The previous adivise is good. If two puppies are left alone together to play, it's going to be real hard for you to be the fun guy when it's time for them to work.


----------



## morris lindesey (May 2, 2009)

The best way is to never do it.


----------



## Guest (Dec 1, 2008)

morris lindesey said:


> The best way is to never do it.


Couldn't agree more! Time needs to be spent and focused on one.


----------



## xxxxxxxxKarina Scuckyte (Oct 27, 2008)

My mal is growing up running freely in the yard with gsd and caucasian mix. When I'm not working one of them, they are always together. I see only benefits in my situation. My submissive and calm gsd is getting more and more active, possessive, dominant. Mal is being a mal, the pack leader from a puppy (she has her own space, she eats first etc.). When I'm in the yard gsd and mali are seeking my attention, sometimes fighting for it (one of them tries to force another to go farther from me). When I work or play with one of them or both, their attention is on me. When I work with one and another is tied and sometimes barking, I don't see any problems. Another dog isn't interested in it. I wouldn't raise two pups at a time just because I couldn't give them enough time. But when other dogs are older, for me it's ok.


----------



## Connie Sutherland (Mar 27, 2006)

Pamella Renaldi said:


> I agree with this one. Separate them quickly before they get too attach to each other.
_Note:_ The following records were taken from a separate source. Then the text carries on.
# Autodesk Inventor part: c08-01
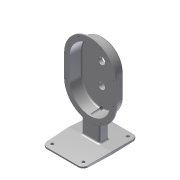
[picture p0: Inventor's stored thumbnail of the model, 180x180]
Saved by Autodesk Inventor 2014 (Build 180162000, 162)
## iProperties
Created: 2010-12
Part Number: c08-01
Document SubType Name: Modeling
Designer: Thom Tremblay
Density: 7.25 g/cm^3
Material: Iron, Cast
Mass: 1233.53 g
Surface Area: 883.619 cm^2
Volume: 170.142 cm^3
Appearance: Steel
Author: Thom Tremblay
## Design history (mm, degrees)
sketch "Sketch1"
  geometry: L1 (-50, -50)-(-50, 0); L2 (50, 0)-(50, -50); L3 (-60, 0)-(-60, -50); L4 (60, -50)-(60, 0); A1 r 50 centre (0, 0) between (50, 0) and (-50, 0); A2 r 50 centre (0, -50) between (-50, -50) and (50, -50); A3 r 60 centre (0, -50) between (-60, -50) and (60, -50); A4 r 60 centre (0, 0) between (60, 0) and (-60, 0); 1 further point
  constraints: 8 end point, 8 point on circle, 4 centre point, 4 tangent, 2 parallel, 1 coincident, 1 vertical, 3 other
  dimensions: "d0" = 50 distance of L2.start L2.end; "d1" = 50 radius of A1; "d2" = 10 radial gap between concentric circles of A4 A1
extrude "Extrusion1" new body sketch "Sketch1" distance "d3" = 30; taper "d4" = -2 deg
fillet "Fillet1" dims "d7" = 6
shell "Shell3" dims "d132" = 3
extrude "Extrusion2" join sketch "Sketch1" distance "d5" = 4; taper "d6" = -2 deg
fillet "Fillet12" dims "d133" = 2
fillet "Fillet13" dims "d134" = 1
workplane "Work Plane2"
sketch "Sketch7"
  geometry: C1 r 7.5 at (0, -95); 1 further point
  constraints: 1 centre point, 1 vertical alignment
  dimensions: "d64" = 15 diameter of C1; "d65" = 95 distance of point (0, 0) C1.centre
extrude "Extrusion8" join sketch "Sketch7" stored distance "d66" = 12.7; taper "d67" = 2 deg
fillet "Fillet2" dims "d9" = 3, "d10" = 1
hole "Hole3" diameter "d70" = 8; stored, may be unused: countersink angle "d74" = 82 deg, drill point angle "d76" = 118 deg; dims "d68" = 10, "d69" = 10, "d71" = 9, "d72" = 9.525, "d73" = 6.35, "d75" = 30, "d77" = 0.62479, "d78" = 7.985
workplane "Work Plane1"
sketch "Sketch2"
  geometry: L1 (-20.917, -1.5)-(20.917, -1.5); L2 (20.917, -1.5)-(20.219, -21.5); L3 (20.219, -21.5)-(16.219, -21.5); L4 (16.219, -21.5)-(15.695, -6.5); L5 (15.695, -6.5)-(-15.695, -6.5); L6 (-15.695, -6.5)-(-16.219, -21.5); L7 (-16.219, -21.5)-(-20.219, -21.5); L8 (-20.219, -21.5)-(-20.917, -1.5); L9 (-16.219, -21.5)-(16.219, -21.5); 3 further points
  constraints: 18 end point, 3 parallel, 2 equal length, 2 midpoint, 2 vertical alignment, 1 collinear, 1 horizontal
  dimensions: "d12" = 4 deg angle of L8 L6; "d13" = 88 deg angle of L8 L1; "d14" = 1.5 distance from line of point (0, 0) L1; "d15" = 20 vertical distance of L1.end L2.end; "d16" = 4 distance of L2.end L3.end; "d17" = 5 distance between parallel lines of L1 L5
extrude "Extrusion3" join sketch "Sketch2" stored distance "d18" = 27.94; taper "d19" = 0 deg
sketch "Sketch3"
  geometry: L1 (-70, -150)-(70, -150) reference; L2 (-50, -150)-(50, -150); L3 (50, -150)-(50, -144); L4 (50, -144)-(-50, -144); L5 (-50, -144)-(-50, -150); 2 further points
  constraints: 8 end point, 2 parallel, 1 horizontal, 1 midpoint, 1 perpendicular, 1 point on line, 1 vertical alignment
  dimensions: "d20" = 100 distance of L3.end L4.end; "d21" = 6 distance of L2.end L3.end
extrude "Extrusion4" join sketch "Sketch3" distance "d22" = 63.5; taper "d23" = 0 deg
feature "FaceDraft1" dims angle "d24" = 2 deg
sketch "Sketch4"
  geometry: L1 (-50, -150)-(50, -150) reference; L2 (50, -150)-(50, -143.773) reference; L3 (50, -143.773)-(-50, -143.773) reference; L4 (-50, -143.773)-(-50, -150) reference; 1 further point
extrude "Extrusion5" join sketch "Sketch4" distance "d25" = 63.5; taper "d26" = 0 deg
feature "FaceDraft2" dims angle "d27" = 2 deg
fillet "Fillet3" dims "d28" = 12
fillet "Fillet4"
fillet "Fillet5"
fillet "Fillet6" dims "d29" = 4
fillet "Fillet7" dims "d30" = 4
fillet "Fillet8" dims "d31" = 2
sketch "Sketch5"
  geometry: C1 r 12.5 at (0, 0); 1 further point
  constraints: 1 centre point, 1 coincident
  dimensions: "d32" = 25 diameter of C1
extrude "Extrusion6" join sketch "Sketch5" distance "d33" = 5; taper "d35" = -2 deg; dims "d34" = 8, "d36" = -2 deg
hole "Hole1" diameter "d40" = 14; stored, may be unused: countersink angle "d44" = 82 deg, drill point angle "d46" = 118 deg; dims "d38" = 10, "d39" = 10, "d41" = 19.05, "d42" = 9.525, "d43" = 6.35, "d45" = 25.4
sketch "Sketch10"
  geometry: C1 r 12.5 at (0, -50); A1 r 60 centre (0, -50) between (-60, -50) and (-18.704, -107.01) reference; 1 further point
  constraints: 1 centre point, 1 coincident
  dimensions: "d135" = 25 diameter of C1
extrude "Extrusion9" join sketch "Sketch10" distance "d136" = 12; taper "d137" = -2 deg
fillet "Fillet9" dims "d37" = 3
hole "Hole2" diameter "d55" = 14; stored, may be unused: countersink angle "d59" = 82 deg, drill point angle "d61" = 118 deg; dims "d53" = 10, "d54" = 10, "d56" = 19.05, "d57" = 9.525, "d58" = 6.35, "d60" = 8
hole "Hole4" diameter "d81" = 7; stored, may be unused: countersink angle "d85" = 82 deg, drill point angle "d87" = 118 deg; dims "d79" = 10, "d80" = 10, "d82" = 12.7, "d83" = 12.8778, "d84" = 6.35, "d86" = 30.48
hole "Hole5" diameter "d90" = 7; stored, may be unused: countersink angle "d94" = 82 deg, drill point angle "d96" = 118 deg; dims "d88" = 10, "d89" = 10, "d91" = 12.7, "d92" = 12.8778, "d93" = 6.35, "d95" = 30.48
hole "Hole6" diameter "d99" = 7; stored, may be unused: countersink angle "d103" = 82 deg, drill point angle "d105" = 118 deg; dims "d97" = 10, "d98" = 10, "d100" = 12.7, "d101" = 12.8778, "d102" = 6.35, "d104" = 30.48
hole "Hole7" diameter "d108" = 7; stored, may be unused: countersink angle "d112" = 82 deg, drill point angle "d114" = 118 deg; dims "d106" = 10, "d107" = 10, "d109" = 12.7, "d110" = 12.8778, "d111" = 6.35, "d113" = 30.48
fillet "Fillet11" dims "d122" = 1
node "Hole10"
chamfer "Chamfer1" distance "d138" = 1; stored, may be unused: second distance "d139" = 2, angle "d140" = 45 deg
body "Solid1"
node "Projected Loop1"
sketch "Sketch9"
  geometry: 8 further points
hole "Hole9" sketch "Sketch9" diameter "d123" = 3.242; stored, may be unused: countersink angle "d127" = 82 deg, drill point angle "d129" = 0 deg; dims "d124" = 19.05, "d125" = 9.525, "d126" = 6.35, "d128" = 25.4
other parameters: "d63" = -35

Not only that (which is enough of a reason all by itself, IMO), you are allowing your dog to be "picked on." Nothing good comes out of that.



morris lindesey said:


> The best way is to never do it.


----------



## Selena van Leeuwen (Mar 29, 2006)

indeed, seperatly if you do it. I did raise 2 puppies (the mother of Ninja: Grietje and Anne) together 'cause of the quarantaine rule from the UK. Never ever again...


----------



## Fathi Shahin (Apr 2, 2010)

Hey, thanks for all the replies. The pups are now in seperate runs. I was under the impression that this was the best way, just nice to hear it from people with experience and or knowledge with this.


----------